An effort to reverse harm linked to a racially biased test used in kidney assessments appears to be working, according to new research on U.S. transplant waiting lists. The policy began after the national transplant system ended use of the race-based test and directed hospitals to identify Black patients whose past records might have qualified them for transplant sooner. Researchers reported that the changes moved some candidates up on the waiting list and increased transplant rates for Black patients in the period immediately following the policy.
The biased test involved a race-based formula to calculate kidney function, using creatinine levels to estimate how quickly the waste compound is filtered from blood. Under the test, Black patients’ kidneys appeared healthier than they were, which delayed diagnosis of impending organ failure and referral for transplantation, according to the research description. The U.S. system’s policy response ordered hospitals to comb through medical records containing the long-ago biased findings so eligible Black patients could receive credit for time they had lost.
Researchers at Beth Israel Deaconess Medical Center, Brigham and Women’s Hospital and Boston Medical Center analyzed a database covering kidney transplants between January 2022 and June 2025, comparing transplant rates before and after the January 2023 policy change. The team reported in JAMA Internal Medicine that among more than 21,000 Black transplant candidates given waiting time modifications, the median gain was 1.7 years. The wait-time improvement mattered because the wait for a kidney transplant averages three to five years, and can run longer in some parts of the country.

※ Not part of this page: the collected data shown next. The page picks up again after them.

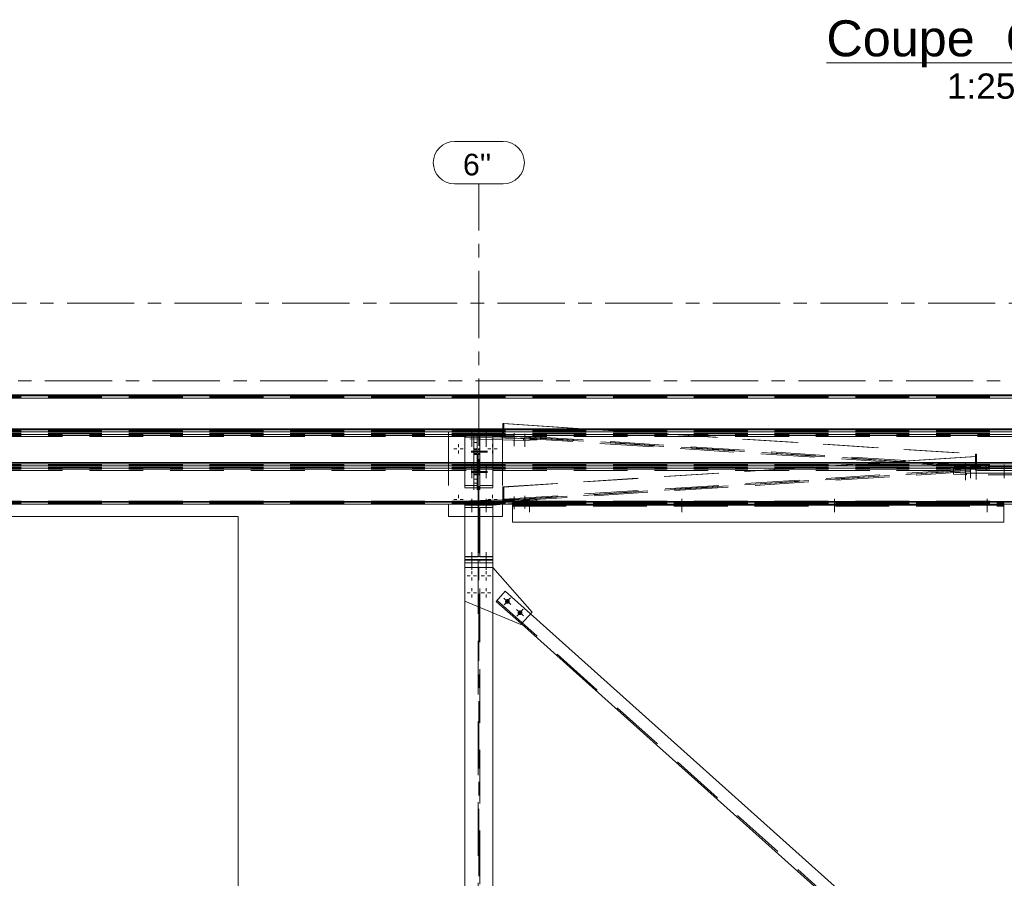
# Model space of a CAD drawing. Header units: millimetres. Extents: x 3 to 1173, y 5 to 825.
# Tile 3 of 22: x 192 to 308, y 331 to 432. Entities that reach past the tile are written whole.
import ezdxf

# ---------------------------------------------------------------- set-up
doc = ezdxf.new("R2010")
doc.units = ezdxf.units.MM
doc.linetypes.add('AXES', pattern=[12.7, 7.9375, -1.5875, 1.5875, -1.5875])
doc.linetypes.add('INTERROMPUX2', pattern=[9.525, 6.35, -3.175])
for name, color, linetype, lineweight in [('Autre type objet', 1, 'Continuous', 0), ('Boulon', 7, 'Continuous', 0), ('Classe 1', 7, 'Continuous', 0), ('Classe 2', 1, 'Continuous', 0), ('Maillage', 1, 'Continuous', 0)]:
    doc.layers.add(name, color=color, linetype=linetype, lineweight=lineweight)
doc.styles.add('ARIAL', font='ARIAL.TTF')

# ---------------------------------------------------------------- blocks, each defined once
blk = doc.blocks.new('*A147')
at = {"layer": 'Maillage', "linetype": 'AXES', "lineweight": 0}
blk.add_line((19.72, 398.45), (618.6, 398.45), dxfattribs=at)
blk = doc.blocks.new('*A150')
at = {"layer": 'Maillage', "linetype": 'AXES', "lineweight": 0}
blk.add_line((42.52, 389.25), (568.84, 389.25), dxfattribs=at)
blk = doc.blocks.new('*A151')
at = {"layer": 'Classe 1', "linetype": 'Continuous', "lineweight": 0}
for p, q in [((217.72, 373.25), (138.12, 373.25)), ((217.72, 261.25), (217.72, 373.25))]:
    blk.add_line(p, q, dxfattribs=at)
blk = doc.blocks.new('*A152')
at = {"layer": 'Classe 2', "linetype": 'INTERROMPUX2', "lineweight": 0}
for p, q in [((90.52, 387.37), (520.84, 387.37)), ((90.52, 387.3), (520.84, 387.3)), ((90.52, 387.3), (520.84, 387.3)), ((90.52, 383.08), (520.84, 383.08)), ((90.52, 383.01), (520.84, 383.01)), ((90.52, 383.01), (520.84, 383.01)), ((520.84, 382.94), (90.52, 382.94)), ((90.52, 382.83), (520.84, 382.83)), ((520.84, 382.69), (90.52, 382.69))]:
    blk.add_line(p, q, dxfattribs=at)
at = {"layer": 'Classe 2', "linetype": 'Continuous', "lineweight": 0}
for p, q in [((92.72, 387.62), (518.64, 387.62)), ((92.72, 387.48), (518.64, 387.48)), ((92.72, 387.23), (518.64, 387.23))]:
    blk.add_line(p, q, dxfattribs=at)
blk = doc.blocks.new('*A153')
at = {"layer": 'Classe 2', "linetype": 'Continuous', "lineweight": 0}
for p, q in [((92.72, 383.62), (518.64, 383.62)), ((92.72, 383.49), (518.64, 383.49)), ((92.72, 383.24), (518.64, 383.24))]:
    blk.add_line(p, q, dxfattribs=at)
at = {"layer": 'Classe 2', "linetype": 'INTERROMPUX2', "lineweight": 0}
for p, q in [((90.52, 383.37), (520.84, 383.37)), ((90.52, 383.31), (520.84, 383.31)), ((90.52, 383.3), (520.84, 383.3)), ((90.52, 379.08), (520.84, 379.08)), ((90.52, 379.02), (520.84, 379.02)), ((90.52, 379.01), (520.84, 379.01)), ((520.84, 378.95), (90.52, 378.95)), ((90.52, 378.83), (520.84, 378.83)), ((520.84, 378.7), (90.52, 378.7))]:
    blk.add_line(p, q, dxfattribs=at)
blk = doc.blocks.new('*A156')
at = {"layer": 'Classe 2', "linetype": 'Continuous', "lineweight": 0}
for p, q in [((90.52, 379.63), (520.84, 379.63)), ((90.52, 379.49), (520.84, 379.49)), ((90.52, 379.24), (520.84, 379.24)), ((90.52, 375.01), (520.84, 375.01)), ((520.84, 374.95), (90.52, 374.95)), ((90.52, 374.7), (244.48, 374.7)), ((368.43, 374.7), (247.81, 374.7))]:
    blk.add_line(p, q, dxfattribs=at)
at = {"layer": 'Classe 2', "linetype": 'INTERROMPUX2', "lineweight": 0}
for p, q in [((90.52, 379.37), (520.84, 379.37)), ((90.52, 379.31), (520.84, 379.31)), ((90.52, 379.3), (520.84, 379.3)), ((90.52, 375.08), (520.84, 375.08)), ((90.52, 375.02), (520.84, 375.02)), ((90.52, 374.83), (520.84, 374.83)), ((244.48, 374.7), (247.81, 374.7))]:
    blk.add_line(p, q, dxfattribs=at)
blk = doc.blocks.new('*A158')
at = {"layer": 'Classe 2', "linetype": 'INTERROMPUX2', "lineweight": 0}
for p, q in [((249.22, 364.44), (248.15, 363.24)), ((249.22, 364.44), (252.2, 361.77)), ((248.15, 363.24), (251.13, 360.58)), ((248.26, 363.36), (367.02, 257.06))]:
    blk.add_line(p, q, dxfattribs=at)
at = {"layer": 'Classe 2', "linetype": 'Continuous', "lineweight": 0}
for p, q in [((252.2, 361.77), (297.92, 320.85)), ((251.13, 360.58), (295.52, 320.85))]:
    blk.add_line(p, q, dxfattribs=at)
blk = doc.blocks.new('*A164')
at = {"layer": 'Classe 2', "linetype": 'Continuous', "lineweight": 0}
for p, q in [((293.74, 379.63), (304.73, 380.33)), ((293.95, 379.63), (304.85, 380.33)), ((304.73, 380.33), (304.85, 380.33)), ((304.85, 380.33), (304.85, 379.63))]:
    blk.add_line(p, q, dxfattribs=at)
at = {"layer": 'Classe 2', "linetype": 'INTERROMPUX2', "lineweight": 0}
for p, q in [((304.73, 378.74), (304.73, 380.33)), ((248.96, 376.74), (293.74, 379.63)), ((249.08, 376.73), (293.95, 379.63)), ((249.08, 375.3), (304.85, 378.89)), ((250.2, 375.25), (305.97, 378.84)), ((304.85, 379.63), (304.85, 378.89)), ((304.85, 378.89), (305.97, 378.84)), ((305.97, 378.84), (305.97, 378.68)), ((248.96, 375.14), (304.73, 378.74)), ((250.2, 375.09), (305.97, 378.68)), ((305.97, 378.68), (304.73, 378.74)), ((249.08, 376.73), (248.96, 376.74)), ((248.96, 376.74), (248.96, 375.14)), ((249.08, 375.3), (249.08, 376.73)), ((250.2, 375.25), (249.08, 375.3)), ((248.96, 375.14), (250.2, 375.09)), ((250.2, 375.09), (250.2, 375.25))]:
    blk.add_line(p, q, dxfattribs=at)
blk = doc.blocks.new('*A167')
at = {"layer": 'Classe 2', "linetype": 'INTERROMPUX2', "lineweight": 0}
for p, q in [((250.08, 374.84), (250.08, 374.7)), ((250.08, 374.84), (308.08, 374.84)), ((308.08, 374.72), (250.08, 374.72)), ((250.08, 374.48), (308.08, 374.48)), ((308.08, 374.84), (308.08, 374.48))]:
    blk.add_line(p, q, dxfattribs=at)
at = {"layer": 'Classe 2', "linetype": 'Continuous', "lineweight": 0}
for p, q in [((250.08, 372.6), (250.08, 374.7)), ((250.08, 374.6), (308.08, 374.6)), ((308.08, 374.7), (308.08, 372.6)), ((308.08, 372.6), (250.08, 372.6))]:
    blk.add_line(p, q, dxfattribs=at)
blk = doc.blocks.new('*A184')
at = {"layer": 'Boulon', "linetype": 'INTERROMPUX2', "lineweight": 0}
for p, q in [((252.08, 375.35), (252.08, 373.85)), ((270.08, 375.35), (270.08, 373.85)), ((288.08, 375.35), (288.08, 373.85)), ((306.08, 375.35), (306.08, 373.85))]:
    blk.add_line(p, q, dxfattribs=at)
at = {"layer": 'Boulon', "linetype": 'Continuous', "lineweight": 0}
for p, q in [((252.08, 375.28), (252.08, 373.78)), ((270.08, 375.28), (270.08, 373.78)), ((288.08, 375.28), (288.08, 373.78)), ((306.08, 375.28), (306.08, 373.78))]:
    blk.add_line(p, q, dxfattribs=at)
blk = doc.blocks.new('*A187')
at = {"layer": 'Classe 2', "linetype": 'INTERROMPUX2', "lineweight": 0}
for p, q in [((244.48, 383.04), (244.48, 374.69)), ((244.48, 383.04), (247.76, 383.04)), ((246.02, 382.75), (244.48, 382.75)), ((246.02, 374.3), (246.02, 382.75)), ((247.76, 382.75), (246.22, 382.75)), ((246.22, 382.75), (246.22, 374.3)), ((247.76, 383.04), (247.76, 374.69)), ((244.48, 376.93), (246.02, 376.93)), ((244.48, 376.63), (247.76, 376.63)), ((246.22, 376.93), (247.76, 376.93)), ((244.48, 374.95), (244.48, 374.69)), ((247.76, 374.95), (247.76, 374.6))]:
    blk.add_line(p, q, dxfattribs=at)
at = {"layer": 'Classe 2', "linetype": 'Continuous', "lineweight": 0}
for p, q in [((244.48, 374.69), (244.48, 374.3)), ((244.48, 374.6), (247.76, 374.6)), ((244.48, 374.3), (244.48, 368.19)), ((244.48, 374.3), (246.02, 374.3)), ((246.02, 374.3), (246.02, 368.49)), ((246.22, 374.3), (247.76, 374.3)), ((246.22, 374.3), (246.22, 368.49)), ((247.76, 374.69), (247.76, 368.19)), ((244.48, 368.49), (246.02, 368.49)), ((246.22, 368.49), (247.76, 368.49)), ((244.48, 368.19), (247.76, 368.19))]:
    blk.add_line(p, q, dxfattribs=at)
blk = doc.blocks.new('*A188')
at = {"layer": 'Classe 2', "linetype": 'INTERROMPUX2', "lineweight": 0}
for p, q in [((244.48, 368.12), (247.76, 368.12)), ((244.48, 367.8), (244.48, 368.12)), ((244.48, 368.12), (244.48, 367.8)), ((244.48, 368.11), (246.02, 368.11)), ((244.48, 367.8), (244.48, 367.79)), ((244.48, 367.8), (244.48, 367.8)), ((244.48, 367.8), (244.48, 367.8)), ((244.48, 367.8), (246.02, 367.8)), ((246.02, 368.11), (246.02, 253.65)), ((246.22, 253.65), (246.22, 368.11)), ((246.22, 368.11), (247.76, 368.11)), ((246.22, 367.8), (247.76, 367.8)), ((247.76, 368.12), (247.76, 367.8)), ((247.76, 367.8), (247.76, 367.8))]:
    blk.add_line(p, q, dxfattribs=at)
at = {"layer": 'Classe 2', "linetype": 'Continuous', "lineweight": 0}
for p, q in [((244.48, 367.8), (244.48, 253.65)), ((244.48, 367.79), (247.76, 367.79)), ((247.76, 367.8), (247.76, 253.65))]:
    blk.add_line(p, q, dxfattribs=at)
blk = doc.blocks.new('*A189')
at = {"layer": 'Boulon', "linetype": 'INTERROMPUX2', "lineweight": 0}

In addition to the waiting time credit, the researchers reported changes in transplant rates. Black patients’ transplant rate rose right after the policy change, increasing by 5.3 transplants per 1,000 listings, before leveling off. During the study period, the overall kidney transplant rate increased, and the transplant rate for non-Black patients did not change significantly under the new policy, with white patients remaining the highest group, the researchers said.
The study’s findings also drew commentary from an external medical expert. Dr. L. Ebony Boulware of Wake Forest University School of Medicine, who was not involved in the study, wrote an accompanying commentary that urged similar efforts to mitigate harm from other erroneously race-based medical tests. In the commentary, she said the findings “suggest that improving transplant care for Black individuals did not harm individuals of other races.”
Dr. Rohan Khazanchi, of Brigham and Women’s Hospital and Boston Medical Center, who led the study, said the policy “hopefully helps move the needle toward equity,” according to an interview described in the report. The waiting-list credit did not automatically produce immediate transplants for everyone credited: the researchers reported that 7,484 of the candidates received a new kidney during the study period.
The researchers also examined why fewer people may have received the waiting time modifications than they expected. Khazanchi was surprised to find that less than 1 of 3 Black transplant candidates received wait-time modifications. He said one possibility was that some candidates were not diagnosed with kidney disease until their organs had already failed—an emergency that doctors describe as “crashing onto dialysis.” He also suggested that the ordered lookback required digging into older medical records, possibly across different health systems, and that some transplant centers may have had more resources than others to complete that work.
Even after the ordered lookback began in 2023, the report said Khazanchi advised that Black patients more recently added to the transplant list should still ask whether they may be eligible for similar adjustments. The researchers’ analysis, published in JAMA Internal Medicine, offered the first detailed look at how waiting-time credits tied to correcting a race-based test can affect transplant access and whether such changes shift outcomes across racial groups.